Back to the second point regarding selection
The (perhaps?) larger problem is that there is a strong temptation to interpret alpha in single peak OU models as meaning something about the importance of stabilizing selection. Often shorthanded to just ‘selection’, even though directional selection will not be captured by the alpha parameter (under standard conditions), and will be instead conflated with sigma.
lam<-fitContinuous(tree, trait, model=‘lambda’)
pchisq(2*(llam–lwn), df=1, lower.tail=F)
pchisq(2*(llam–lbm), df=1, lower.tail=F)
# In comparison to the single peak OU model, the much maligned (I would argue largely unjustifiablly) Pagel’s Lambda ‘model’ of evolution does not offer the same degree of a stumbling block. I think this is largely because lambda is (1) more easily interpretable, and (2) makes no special claims about where non-brownian motion variation is coming from (e.g. no one stricly interprets 1-lambda as ‘selection’ per se). First the interpretability–because lambda effectivly spans from 0 to 1 it has clear bounds and these bounds have meaning (0 is no importance of phylogeny and 1 is BM evolution). The single peak OU’s alpha parameter instead spans from 0 (i.e. BM) and +Inf (i.e. white noise). So in theory the user could obviously say “oh, my alpha value is really really big” and this would give a quick visual check that phylogeny is not important. In practice however a maximum likelihood estimate will not permit an actually value of +Inf (as we saw in the warning message above the alpha was at its bounds) and so the user is (unwisely) given disgression to ignore the warning, and to interpret a poorly fit model for its biological significane. In short, when lambda is 0 it’s easy to interpret that “Hey, phylogeny isn’t important!”, but alpha is never really allowed to be +Inf and therefore there is no alternative but to conduct hypothesis testing with OU models to ensure that phylogeny is necessary to explain patterns.

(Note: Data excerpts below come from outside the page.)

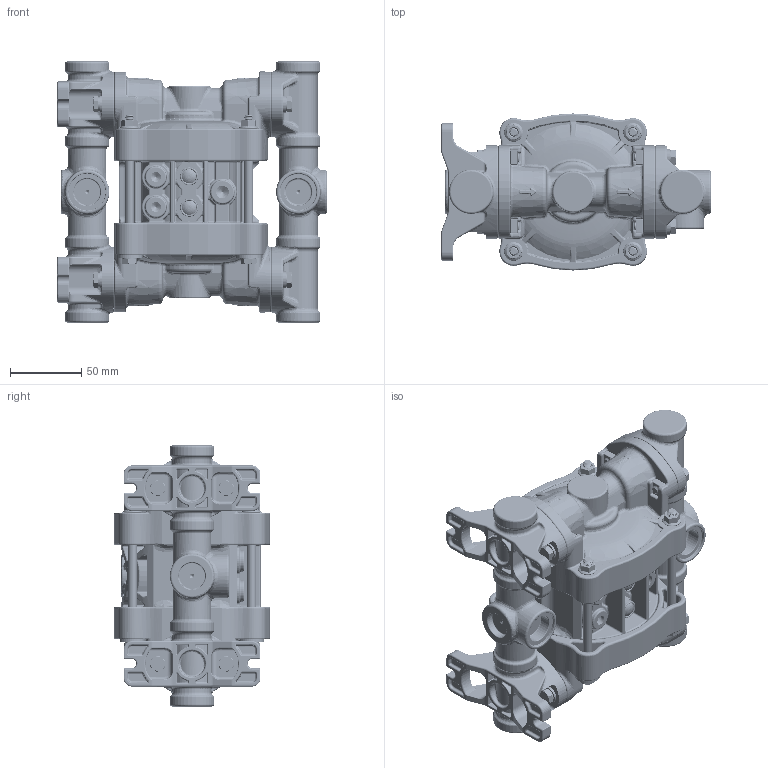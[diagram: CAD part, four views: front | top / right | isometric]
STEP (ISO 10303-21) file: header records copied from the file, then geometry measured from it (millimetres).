
FILE_DESCRIPTION (( 'STEP AP203' ), '1' );
FILE_NAME ('P35 Alluminio.STEP', '2023-08-09T14:33:05', ( '' ), ( '' ), 'SwSTEP 2.0', 'SolidWorks 2023', '' );
FILE_SCHEMA (( 'CONFIG_CONTROL_DESIGN' ));
Length unit declared in the file: millimetre
Products named in the file (1): P35 Alluminio
Bounding box: 189 x 110 x 183 mm (x, y, z)
Volume: 783425.5 mm3; surface area: 322133.4 mm2
Topology: 44 solids, 44 shells, 8531 faces, 19179 edges, 10468 vertices
Faces by surface type: cylinder 2346, torus 2156, bspline 1572, cone 1136, plane 907, sphere 414
Entity records: 298919 total; most frequent: CARTESIAN_POINT 120170, DIRECTION 38806, ORIENTED_EDGE 37464, EDGE_CURVE 18732, AXIS2_PLACEMENT_3D 17006, VERTEX_POINT 10394, CIRCLE 10046, EDGE_LOOP 8766

Despite the admirable statistical properties lambda models tend not to be favored. The reason is that interpretting its biological significance is tricky. Many will critique it for not having a good one. I actually see this as one of the unsung boons of using lambda, and heuristically the ‘proportion of the variance in a trait’s value that can be ascribed to strict brownian motion evolution’ is as far as I’m concerned a completely adequate if unwieldy and slightly vague description. Indeed an equivalent formulation is a model which has two sigma terms, one of which is multiplied by the identity matrix (for white noise evolution), and the other of which is multiplied by the phylogeny’s correlation matrix (for brownian motions). The stregth-in-vagueness of this description of lambda is how it remains agnostic about the source of the remaining variance. This variance could come from selection, or measurment error, or plasticity. Using lambda here seems infinitly favourable to me over the interpretation of an OU model, in which one is tempted to think that alpha necessarily indicates the ‘importance of selection’. Making claims based on alpha is innappopriate, because the same ensemble of (non-selection) things that depress lambda can also inflate alpha.
In short, perhaps a phenomenological model that makes no claims is preferable to a mechanistic one in which users are hell bent on reading (undeserved) meaning into its parameter estimates?